From that point on, I embraced 8 weeks of physical and mental strain as I prepared for my moment in the ring. I trained six days a week, including two to three hard sparring sessions. I ran and sprinted on the treadmill, which isn’t so much physically tiring as it is mentally torturous to perform a task that feels so Sisyphean. I cut down on food to lose 15 pounds. 

And so that was just on the physical side. Mentally, I met fear and anxiety at almost every turn as my mind played out a thousand scenarios of what exactly might transpire in the ring on November 15th. Some days I felt confident, while other days my mind betrayed me and asked of itself, “How the fuck are you going to do this in front of all these people?” It was exhausting, no doubt. 

But I kept on. There was little else to do but keep on. The pressure of performing in front of an audience — one that expects great things from you as a coach, no less — demanded a training regimen commensurate to the stage at hand.

And so all the preparation — physical training and mental practice — culminated in a six-minute performance that saw me TKO my opponent.

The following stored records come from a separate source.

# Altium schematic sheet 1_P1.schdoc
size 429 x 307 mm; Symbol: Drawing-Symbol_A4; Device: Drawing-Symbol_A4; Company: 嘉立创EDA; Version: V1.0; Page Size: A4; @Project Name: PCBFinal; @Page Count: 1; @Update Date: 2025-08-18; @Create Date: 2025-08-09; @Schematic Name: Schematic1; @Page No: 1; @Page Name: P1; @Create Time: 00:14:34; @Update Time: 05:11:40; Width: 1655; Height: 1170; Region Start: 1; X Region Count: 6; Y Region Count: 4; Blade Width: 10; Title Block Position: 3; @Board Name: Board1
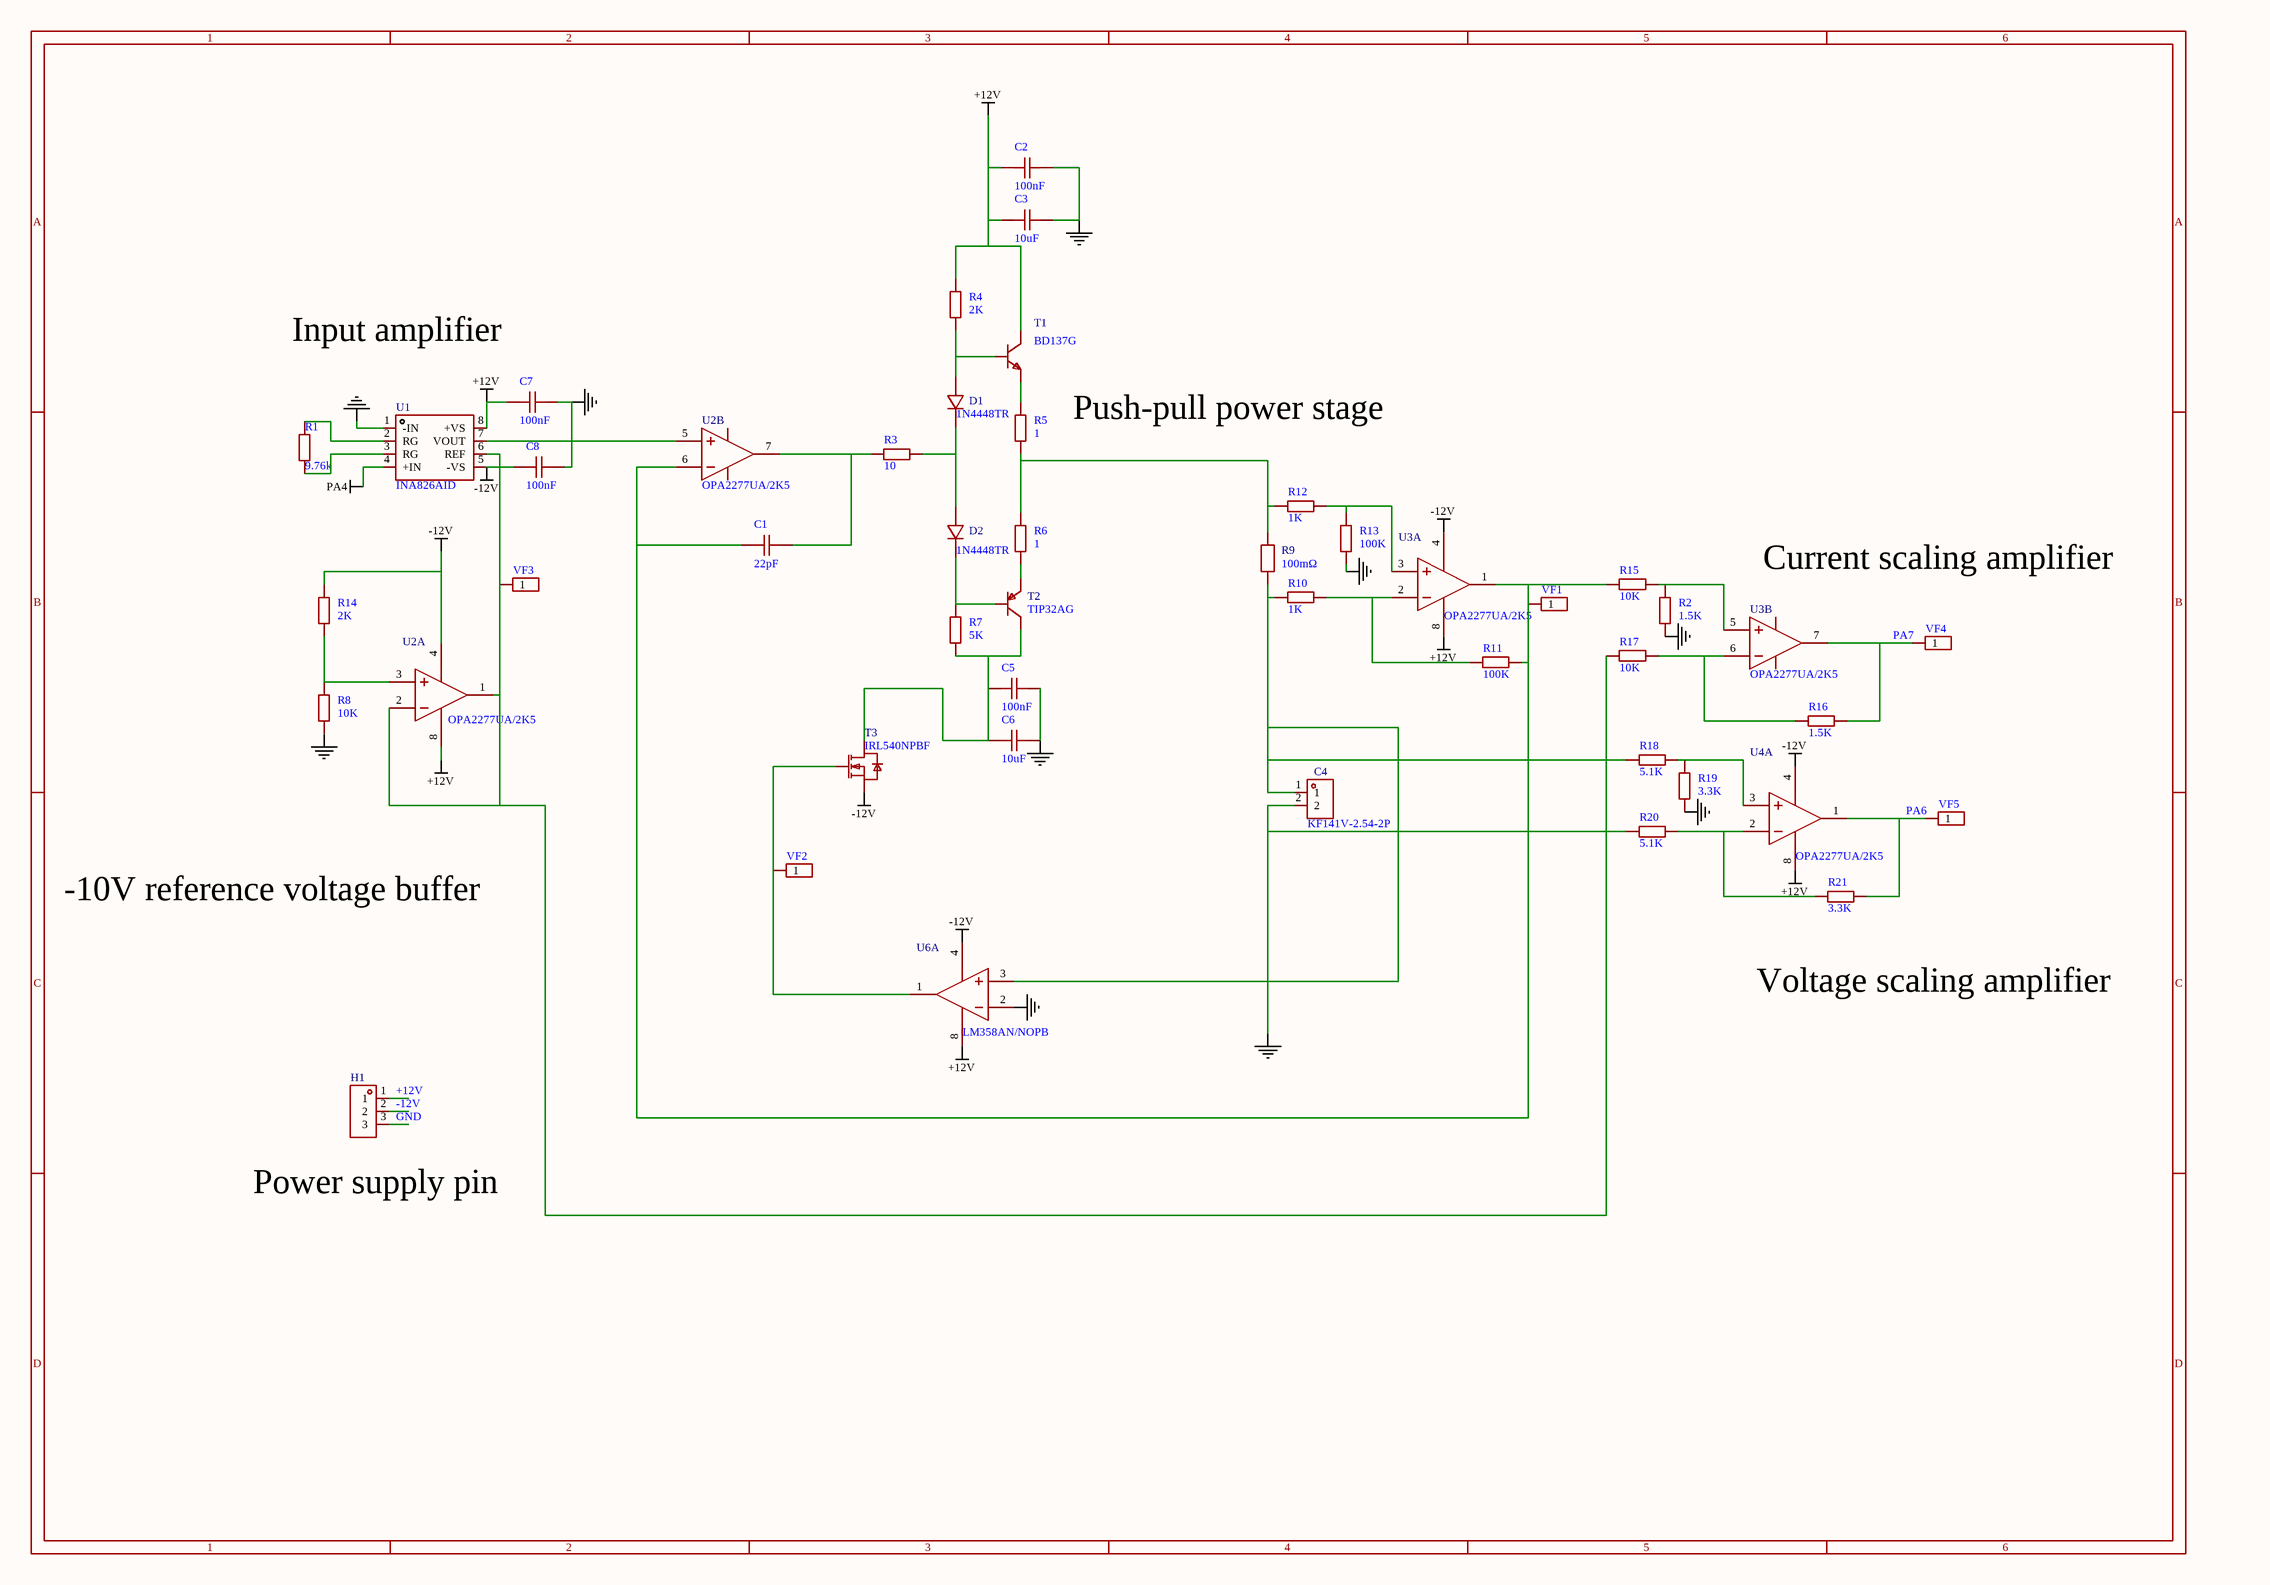
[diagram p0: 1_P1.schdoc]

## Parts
C1  22pF  [C0805]
C2  100nF  [C0805]
C3  10uF  [C0805]
C4  KF141V-2.54-2P  [CONN-TH_2P-P2.54_KF141V-2.54-2P]
C5  100nF  [C0805]
C6  10uF  [C0805]
C7  100nF  [C0805]
C8  100nF  [C0805]
D1  1N4448TR  [DO-35_BD2.0-L4.2-P8.20-D0.5-RD]
D2  1N4448TR  [DO-35_BD2.0-L4.2-P8.20-D0.5-RD]
H1  (no value)  [HDR-TH_3P-P2.54-V-F]
R1  9.76k  [R0805]
R2  1.5K  [R0805]
R3  10  [R0805]
R4  2K  [R0805]
R5  1  [R0805]
R6  1  [R0805]
R7  5K  [R0805]
R8  10K  [R0805]
R9  100mΩ  [RES-TH_BD8.4-L23.8-P27.8-D1.0]
R10  1K  [R0805]
R11  100K  [R0805]
R12  1K  [R0805]
R13  100K  [R0805]
R14  2K  [R0805]
R15  10K  [R0805]
R16  1.5K  [R0805]
R17  10K  [R0805]
R18  5.1K  [R0805]
R19  3.3K  [R0805]
R20  5.1K  [R0805]
R21  3.3K  [R0805]
T1  BD137G  [TO-225-3_L7.6-W2.8-P2.54-L]
T2  TIP32AG  [TO-220-3_L10.0-W4.5-P2.54-L]
T3  IRL540NPBF  [TO-220AB-3_L10.4-W4.6-P2.54-L]
U1  INA826AID  [SOIC-8_L4.9-W3.9-P1.27-LS6.0-BL]
U2  OPA2277UA/2K5  [SOIC-8_L5.0-W4.0-P1.27-LS6.0-BL]  (parts A,B of 2)
U3  OPA2277UA/2K5  [SOIC-8_L5.0-W4.0-P1.27-LS6.0-BL]  (parts A,B of 2)
U4  OPA2277UA/2K5  [SOIC-8_L5.0-W4.0-P1.27-LS6.0-BL]  (part A of 2)
U6  LM358AN/NOPB  [PDIP-8_L10.2-W6.5-P2.54-LS7.6-BL]  (part A of 2)
VF1  (no value)  [HDR-TH_1P-V-M_XKB_X4611WV-01I-C28D40]
VF2  (no value)  [HDR-TH_1P-V-M_XKB_X4611WV-01I-C28D40]
VF3  (no value)  [HDR-TH_1P-V-M_XKB_X4611WV-01I-C28D40]
VF4  (no value)  [HDR-TH_1P-V-M_XKB_X4611WV-01I-C28D40]
VF5  (no value)  [HDR-TH_1P-V-M_XKB_X4611WV-01I-C28D40]

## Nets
+12V: C2.1 C3.1 C7.2 H1.1 R4.2 T1.2 U1.8(+VS) U2.8(V+) U3.8(V+) U4.8(V+) U6.8(V+)
-12V: C8.2 H1.2 R14.2 T3.3(S) U1.5(-VS) U2.4(V-) U3.4(V-) U4.4(V-) U6.4(GND)
GND: C2.2 C3.2 C4.2 C5.2 C6.2 C7.1 C8.1 H1.3 R2.1 R8.1 R13.1 R19.1 R20.2 U1.1(-IN) U6.2(INA-)
PA4: U1.4(+IN)
PA6: R21.2 U4.1(OUT_A) VF5.1
PA7: R16.2 U3.7(OUT_B) VF4.1
NetC1_1: C1.1 R11.2 R15.1 U2.6(IN_B-) U3.1(OUT_A) VF1.1
NetC1_2: C1.2 R3.2 U2.7(OUT_B)
NetC4_1: C4.1 R9.1 R10.2 R18.1 U6.3(INA+)
NetC5_1: C5.1 C6.1 R7.1 T2.2(C) T3.2(D)
NetD1_1: D1.1 D2.2 R3.1
NetD1_2: D1.2 R4.1 T1.3
NetD2_1: D2.1 R7.2 T2.1(B)
NetR1_1: R1.1 U1.3(RG)
NetR1_2: R1.2 U1.2(RG)
NetR2_2: R2.2 R15.2 U3.5(IN_B+)
NetR5_1: R5.1 R6.2 R9.2 R12.1
NetR5_2: R5.2 T1.1
NetR6_1: R6.1 T2.3(E)
NetR8_2: R8.2 R14.1 U2.3(IN_A+)
NetR10_1: R10.1 R11.1 U3.2(IN_A-)
NetR12_2: R12.2 R13.2 U3.3(IN_A+)
NetR16_1: R16.1 R17.1 U3.6(IN_B-)
NetR17_2: R17.2 U1.6(REF) U2.1(OUT_A) U2.2(IN_A-) VF3.1
NetR18_2: R18.2 R19.2 U4.3(IN_A+)
NetR20_1: R20.1 R21.1 U4.2(IN_A-)
NetT3_1: T3.1(G) U6.1(OUTA) VF2.1
NetU1_7: U1.7(VOUT) U2.5(IN_B+)

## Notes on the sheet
- Input amplifier
- Push-pull power stage
- Current scaling amplifier
- -10V reference voltage buffer
- Voltage scaling amplifier
- (near H1) Power supply pin

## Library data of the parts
C1-C3 C5-C8 = CAP_0805: Symbol: CapAcitance; Convert to PCB: yes
C4 = KF141V-2.54-2P: Manufacturer: KEFA(科发); Add into BOM: yes; Pitch: 2.54mm; Number of PINs Per Row: 2; Current Rating (Max): 2A; Voltage Rating (Max): 150V; Wire Gauge - AWG: 20~26; Wire Gauge - mm2: 1
D1 D2 = 1N4448TR: Manufacturer: onsemi(安森美); Add into BOM: yes; Forward Voltage (Vf@If): 1V@100mA; Reverse Voltage (Vr): 100V; Rectified Current: 200mA; Reverse Leakage Current: 5uA@75V; Reverse Recovery Time (trr): 4ns
H1 = HDR-F_2.54_1x3P: Symbol: PM254V-11-03-H85; Convert to PCB: yes
R1-R8 R10-R21 = Res_0805: Symbol: 电阻; Convert to PCB: yes
R9 = 15FR100E-T: Manufacturer: Ohmite; Add into BOM: yes; Tolerance: ±1%; Power(Watts): 5W; Temperature Coefficient: ±50ppm/℃
T1 = MJE182G: Manufacturer: onsemi(安森美); Symbol: MJE182; Add into BOM: yes; type: NPN; Current - Collector(Ic): 3A; Collector - Emitter Voltage VCEO: 100V; Pd - Power Dissipation: 12.5W; DC Current Gain: 50@100mA,1.0V; Transition frequency(fT): 50MHz; Current - Collector Cutoff: 100uA; Vce Saturation(VCE(sat)): 1.7V
T2 = TIP32AG: Manufacturer: onsemi(安森美); Add into BOM: yes; Transistor Type: PNP; Collector Current (Ic): 3A; Collector-Emitter Breakdown Voltage (Vceo): 60V; Power Dissipation (Pd): 40W; DC Current Gain (hFE@Ic,Vce): 25@1.0A,4.0V; Transition Frequency (fT): 3MHz; Collector Cut-Off Current (Icbo): 300uA; Collector-Emitter Saturation Voltage (VCE(sat)@Ic,Ib): 1.2V@3.0A,375mA
T3 = IRL540NPBF-VB: Manufacturer: VBsemi(微碧半导体); Add into BOM: yes; Type: 1个N沟道; Drain to Source Voltage: 100V; Current - Continuous Drain(Id): 55A; RDS(on): 36mΩ@10V,5A; Pd - Power Dissipation: 127W; Gate Threshold Voltage (Vgs(th)@Id): 3V; Gate Charge(Qg): 60nC@10V; Input Capacitance(Ciss@Vds): 4.5nF@50V; Reverse Transfer Capacitance (Crss@Vds): 90pF@25V
U1 = INA826AID: Manufacturer: TI(德州仪器); Add into BOM: yes; Number of Circuits: 单路; Current - Input Bias(Ib): 35nA; Voltage - Input Offset(Vos): 40uV; Slew Rate(SR): 1V/us; -3db Bandwidth: 1MHz
U2-U4 = OPA2277UA/2K5: Manufacturer: TI(德州仪器); Add into BOM: yes; Number of Circuits: 双路; Gain Bandwidth Product(GBP): 1MHz; Current - Input Bias(Ib): 4nA; Slew Rate(SR): 0.8V/us; Output Current: 35mA; Supply Current: 790uA; Relevance: []
U6 = LM358AN/NOPB: Manufacturer: TI(德州仪器); Add into BOM: yes; Number of Circuits: 双路; Gain Bandwidth Product(GBP): 1MHz; Current - Input Bias(Ib): 45nA; Output Current: 40mA; Relevance: []
VF1-VF5 = HDR-M_2.54_1x1P: Symbol: HDR_1x1; Convert to PCB: yes

And for one glorious night I got to bask in the elemental joy derived from a favorable result that 8 weeks of nonstop work eventually led to. 

But in the days following the victory, there was a dramatic come-down. I felt empty again as the thing I’d be working toward for the last two months of my life was abruptly no more. What was I supposed to do with myself now? Where was I supposed to go? What was I meant to focus my time and energy on now? 

And it’s here that I realized a couple of clichés that still hold up: 

The journey is the destination. 
Idle hands are the devil’s workshop. 

The self-imposed suffering I had put myself through was the whole point. For 8 weeks, the decision to fight in front of all those people filled me with a singular purpose that arose in me a dormant hunger and determination. The end result was, in fact, immaterial. That there was a tangible goal, and that I strived for it and paid the daily toll with my blood, sweat and tears, was what counted and breathed meaning into my life.

And that says something to me about the human condition. Meaning is derived from work. And work can be joyful, but it is always work, and to work is to suffer. To suffer is to ultimately live because it presupposes a goal or conflict, which is the foundational structure of every story that has ever been told. There is no gripping movie where the main character has no goal to reach for, or a conflict to overcome. Humans are moved instinctively by conflict and the desire to resolve it, because the human spirit demands it — I think so that it can know itself experientially by moving through the distinction of dualities and dichotomies. In other words, striving for a goal requires a gap between where you are and where you want to be. And that gap of being is where the story unfolds. My soul wanted to experience itself as brave, or as a winner, or as a performer, etc. And so to become those things, I had to work — suffer — and be less than those things, so that I could journey into being them. That is where my soul found meaning, regardless of whether I raised my hand in victory, or hung my head in defeat.

All that is to say that life is lived in the gaps. The space between you and your goal is filled with suffering. And you must move through it with all your soul to achieve meaning and self-definition.